Question

FastQC of small rna-seq

0

Entering edit mode

9.3 years ago

marcon ▴ 10

Hello,

Recently I received some small rna-seq data to analyze. Since I have never worked with small rna-seq data I'm a bit lost with fastQC quality control results before and after adaptor trimming.

First is per base sequence content is a mess. I'm not sure if it's normal in small rna-seq but it fails on the test pretty hard.

Second GC content is very strange. Before trimming this graph is peaking at same position than the theoretical distribution. But after trimming it's showing two peaks around 58% (theoretical peak) and 78%, I have never seen this before.

Third is sequence length distribution, before adaptor/quality trimming it's normal with all sequences around 76 bp. However after trimming my sequences ranges from 20 to 76, peaking around 20 and 33. Usually in normal RNA-seq data I do not notice a huge change in length distribution like this.

Finally, I have a lot of duplication and over-represented sequences even after adaptor trimming (around 95% of the sequences had adaptors).

From my research I read that fastQC metrics are not very good for small rna-seq thus I should not worry too much about it. Buy my question is, to which point I should not worry? I would like some insight from people that work with small rna-seq datasets.Thanks in advance.

fastQC miRNA sRNA rna-seq • 5.9k views

ADD COMMENT • link updated 2.7 years ago by Ram 45k • written 9.3 years ago by marcon ▴ 10

0

Entering edit mode

HI Marcon-

Were you able to sort this thing out? I recently got some small rnaseq data too. I saw there was duplication as well as primer sequence overrepresented. I ma using mirdeep2 for analysis but before that I wanted to make sure that the data looks good.

I am looking at 1 sample by using cutadapt (and removing sequences shorter than 15) Although there is a good peak around 22-23 length; there is a smaller peak at 74-75-(should i remove this?) per base quality drops after position 36

and the kmer content has someoverrepresented kmer at 47-50 and 62-69.

Please if anyone knows what it means and what can be done?
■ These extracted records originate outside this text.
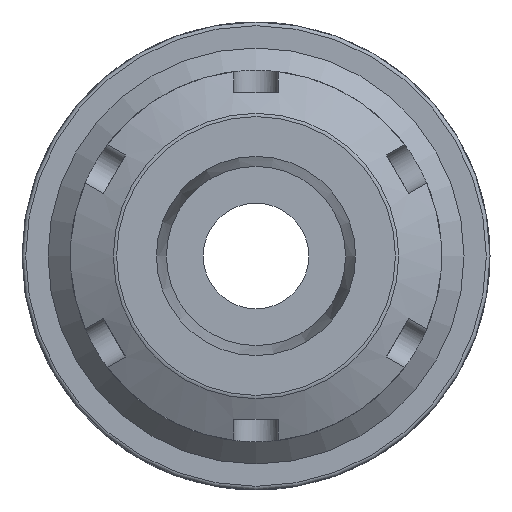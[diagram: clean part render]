
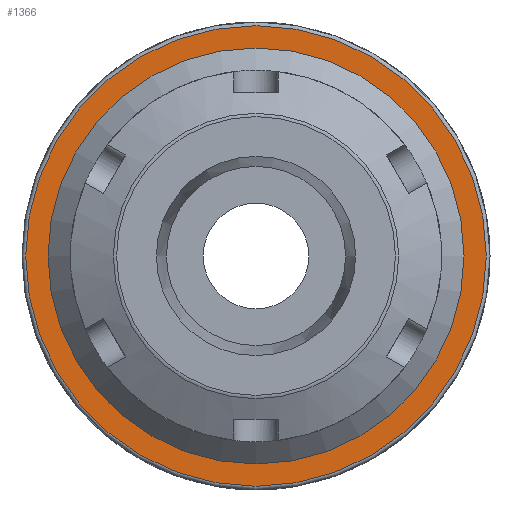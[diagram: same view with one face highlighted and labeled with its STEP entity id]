
A CAD part, front view. The second image highlights one B-rep face of the part: STEP entity #1366.
In plain terms, the highlighted planar face has unit normal (0, -1, 0).
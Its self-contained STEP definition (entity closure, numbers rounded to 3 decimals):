
#134=FACE_BOUND('',#269,.T.);
#147=PLANE('',#1529);
#187=FACE_OUTER_BOUND('',#268,.T.);
#268=EDGE_LOOP('',(#953));
#269=EDGE_LOOP('',(#954));
#515=CIRCLE('',#1526,28.);
#518=CIRCLE('',#1530,31.);
#594=VERTEX_POINT('',#2102);
#597=VERTEX_POINT('',#2110);
#736=EDGE_CURVE('',#594,#594,#515,.T.);
#740=EDGE_CURVE('',#597,#597,#518,.T.);
#953=ORIENTED_EDGE('',*,*,#740,.F.);
#954=ORIENTED_EDGE('',*,*,#736,.F.);
#1366=ADVANCED_FACE('',(#187,#134),#147,.T.);
#1526=AXIS2_PLACEMENT_3D('',#2103,#1703,#1704);
#1529=AXIS2_PLACEMENT_3D('',#2109,#1710,#1711);
#1530=AXIS2_PLACEMENT_3D('',#2111,#1712,#1713);
#1703=DIRECTION('center_axis',(0.,-1.,0.));
#1704=DIRECTION('ref_axis',(-1.,0.,0.));
#1710=DIRECTION('center_axis',(0.,-1.,0.));
#1711=DIRECTION('ref_axis',(0.,0.,-1.));
#1712=DIRECTION('center_axis',(0.,1.,0.));
#1713=DIRECTION('ref_axis',(-1.,0.,0.));
#2102=CARTESIAN_POINT('',(28.,120.8,0.));
#2103=CARTESIAN_POINT('Origin',(0.,120.8,0.));
#2109=CARTESIAN_POINT('Origin',(31.5,120.8,0.));
#2110=CARTESIAN_POINT('',(0.,120.8,-31.));
#2111=CARTESIAN_POINT('Origin',(0.,120.8,0.));
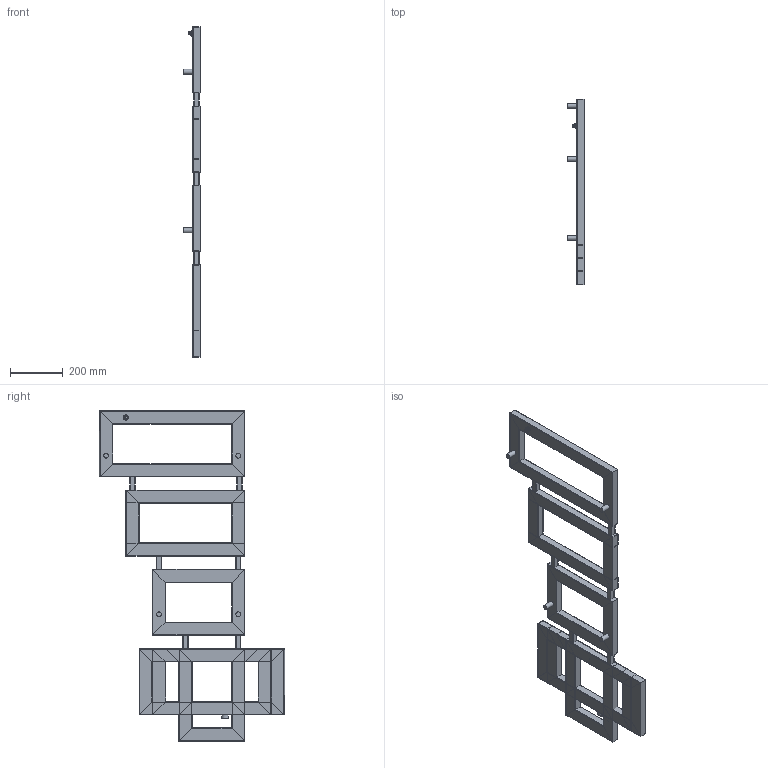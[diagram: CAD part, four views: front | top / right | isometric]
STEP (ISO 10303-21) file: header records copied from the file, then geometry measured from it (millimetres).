
FILE_DESCRIPTION( ( 'Unknown' ), '1' );
FILE_NAME( 'D:/RYSUNKI/RYSUNKI SOLID/SEJWAL/NOWE/PROFILE/KOMODO/KOMODO.stp', 'Unknown', ( 'Unknown' ), ( 'Unknown' ), 'XStep 1.0', 'Unknown', ' ' );
FILE_SCHEMA( ( 'automotive_design' ) );
Length unit declared in the file: millimetre
Products named in the file (13): Assem1; Assem2; Assem3; Assem4; Assem5; P450; P250; P550; P350; P50; PRZY｣ACZ; MOCOWANIE; ODPOWIETRZNIK
Bounding box: 65 x 700 x 1250 mm (x, y, z)
Volume: 3247491.9 mm3; surface area: 3244637.9 mm2
Topology: 53 solids, 53 shells, 777 faces, 2002 edges, 1335 vertices
Faces by surface type: plane 454, cylinder 307, torus 14, cone 2
Full cylindrical faces by diameter (mm): 4.066 x2, 18 x5, 20 x2, 21.49 x3, 26 x3
Entity records: 5986 total; most frequent: CARTESIAN_POINT 1912, DIRECTION 798, ORIENTED_EDGE 752, EDGE_CURVE 376, AXIS2_PLACEMENT_3D 299, VERTEX_POINT 257, LINE 200, VECTOR 200

Please let me know!

Thanks in advance!! Mamta

ADD REPLY • link 9.1 years ago by datanerd ▴ 520

Ram · Answer 1 · 2016-01-09

FastQC gives number of bases that are similar to adapter sequences, which is normally about 25 to 30 nucleotides of adapter sequences. As your sequence is 75 bases, it may be even longer adapter sequences. Fetch those adapter sequences and trim those using trimmomatic (or other tools), and you have your sequences. As it is small RNA library, you may want to take only those sequences, that are between 18-35 nt long, or something around that range, you might have better idea if you have prepared library. The problems you mentioned about duplication and GC content are generally common in small RNA libraries.